Le reste du temps, l’évaporation du bassin et l’évapo-transpiration des phragmites est supérieure à notre consommation d’eau. Par moment nous sommes obligés de rajouter de l’eau pour maintenir le niveau au dessus du seuil critique pour les plantes aquatiques et surtout les poissons rouges.
Un dispositif à flotteur permet une mise à niveau automatique. En période de très forte chaleur et de vent, l’évaporation peut atteindre 4mm par jour, soit près de 130 litres d’eau, alors que notre consommation moyenne journalière est d’environ 50 litres.
5- Détails pratiques
Le sable, les galets des berges, les phragmites et la plupart des plantes aquatiques proviennent du lit du Vidourle, rivière qui traverse notre village.
6- Inconvénients :
1- N’élimine pas les germes pathogènes fécaux avant un an (pas plus que les autres systèmes d’épuration des eaux vannes).

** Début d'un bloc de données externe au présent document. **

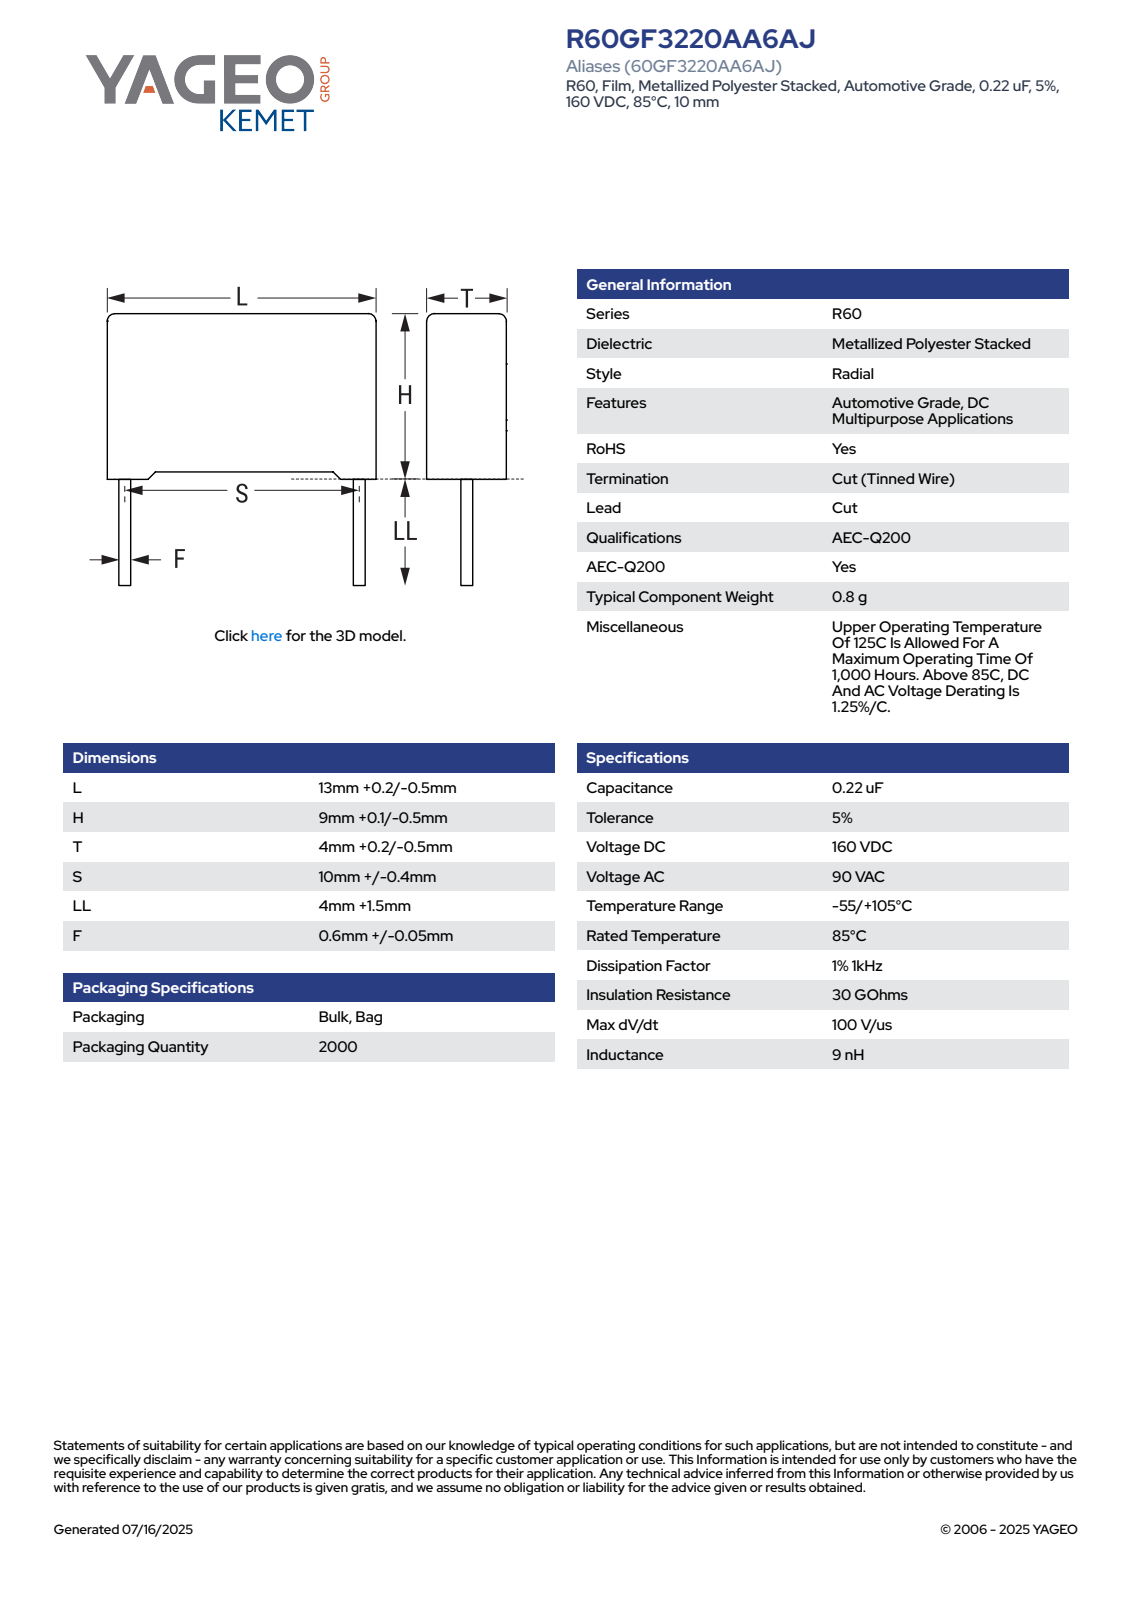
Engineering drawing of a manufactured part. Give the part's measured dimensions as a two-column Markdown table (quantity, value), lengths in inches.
| quantity | value |
| --- | --- |
| part name | CFR_RB2_13X9X4_L13.2H9.1T4.2S10LL5.5F0.65 |
| STEP written by | SolidWorks 2021 (AUTOMOTIVE_DESIGN) |
| units | inches |
| bodies | 4 solids, 85 faces (77 planar, 8 cylindrical, 0 other) |
| overall size | 0.575 × 0.52 × 0.166 |
| volume | 0.029 in³ |
| surface area | 0.735 in² |
| round bosses / shafts (diameter × count) | 0.026 × 2 |
| partial cylindrical surfaces (radius × count) | 0.02 × 4 |
| main face-to-face distances | 0.165, 0.329, 0.52, 0.017, 0.148, 0.03, 0.358, 0.131, 0.012, 0.346 |
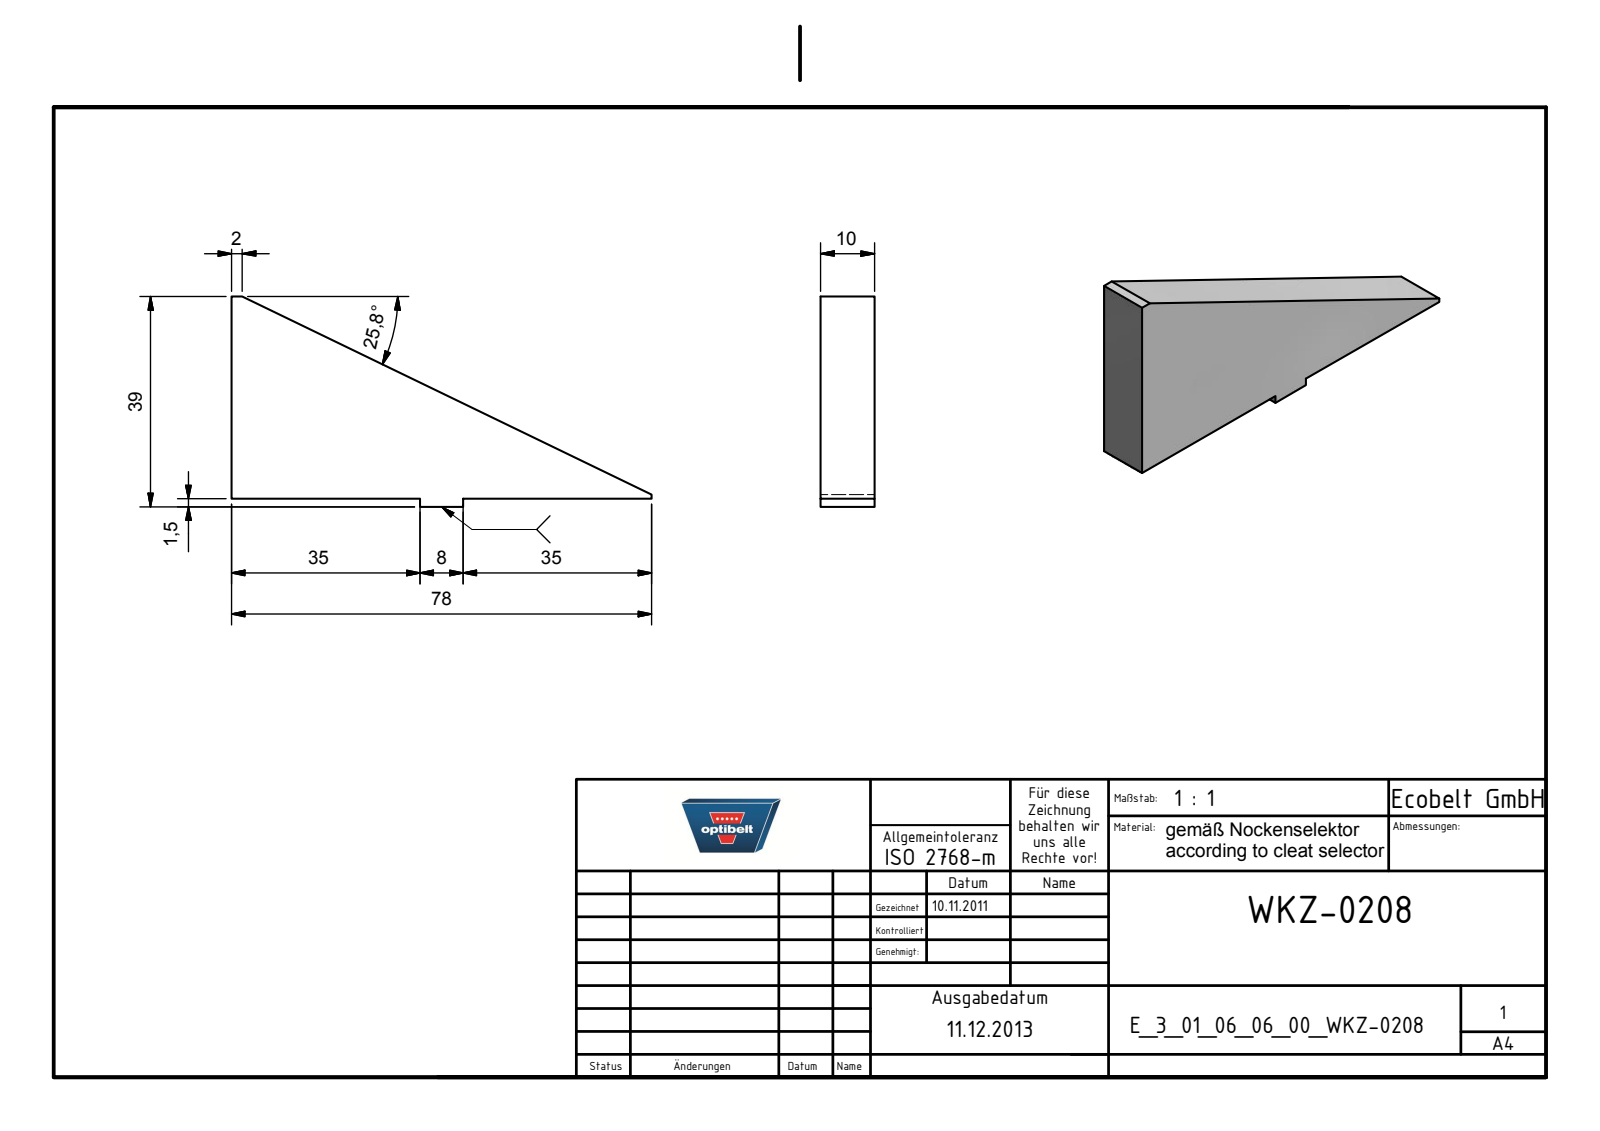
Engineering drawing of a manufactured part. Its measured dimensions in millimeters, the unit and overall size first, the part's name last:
Units: millimetres
Overall size (bounding box): 78 × 39 × 10
Main face-to-face distances: 10, 1.5, 35, 43, 39, 37.5, 8, 78
Volume: 15 409 mm³ · Surface area: 5 139 mm²
Bodies: 1 solid, 11 faces (11 planar, 0 cylindrical, 0 other)
Part name (STEP PRODUCT): E_3_01_06_06_00_WKZ-0208
STEP written by: Autodesk Inventor 2025 (AUTOMOTIVE_DESIGN)

2- Nécessite un entretien des bassins plantés de phragmites (fauchage).
3- Nécessite un entretien du bassin de lagunage (contrôle du développement des plantes aquatiques, curage des boues).
4- Demande un complément d’eau en période chaude (région méditerranéenne) si l’installation est surdimensionnée par rapport au nombre d’occupants, ou si les occupants utilisent des toilettes en sec.
5- Nécessite un terrain avec un léger dénivelé entre chaque bassin.
6- Pour prévenir les risques de noyade de jeunes enfants, entourer le bassin d’une clôture.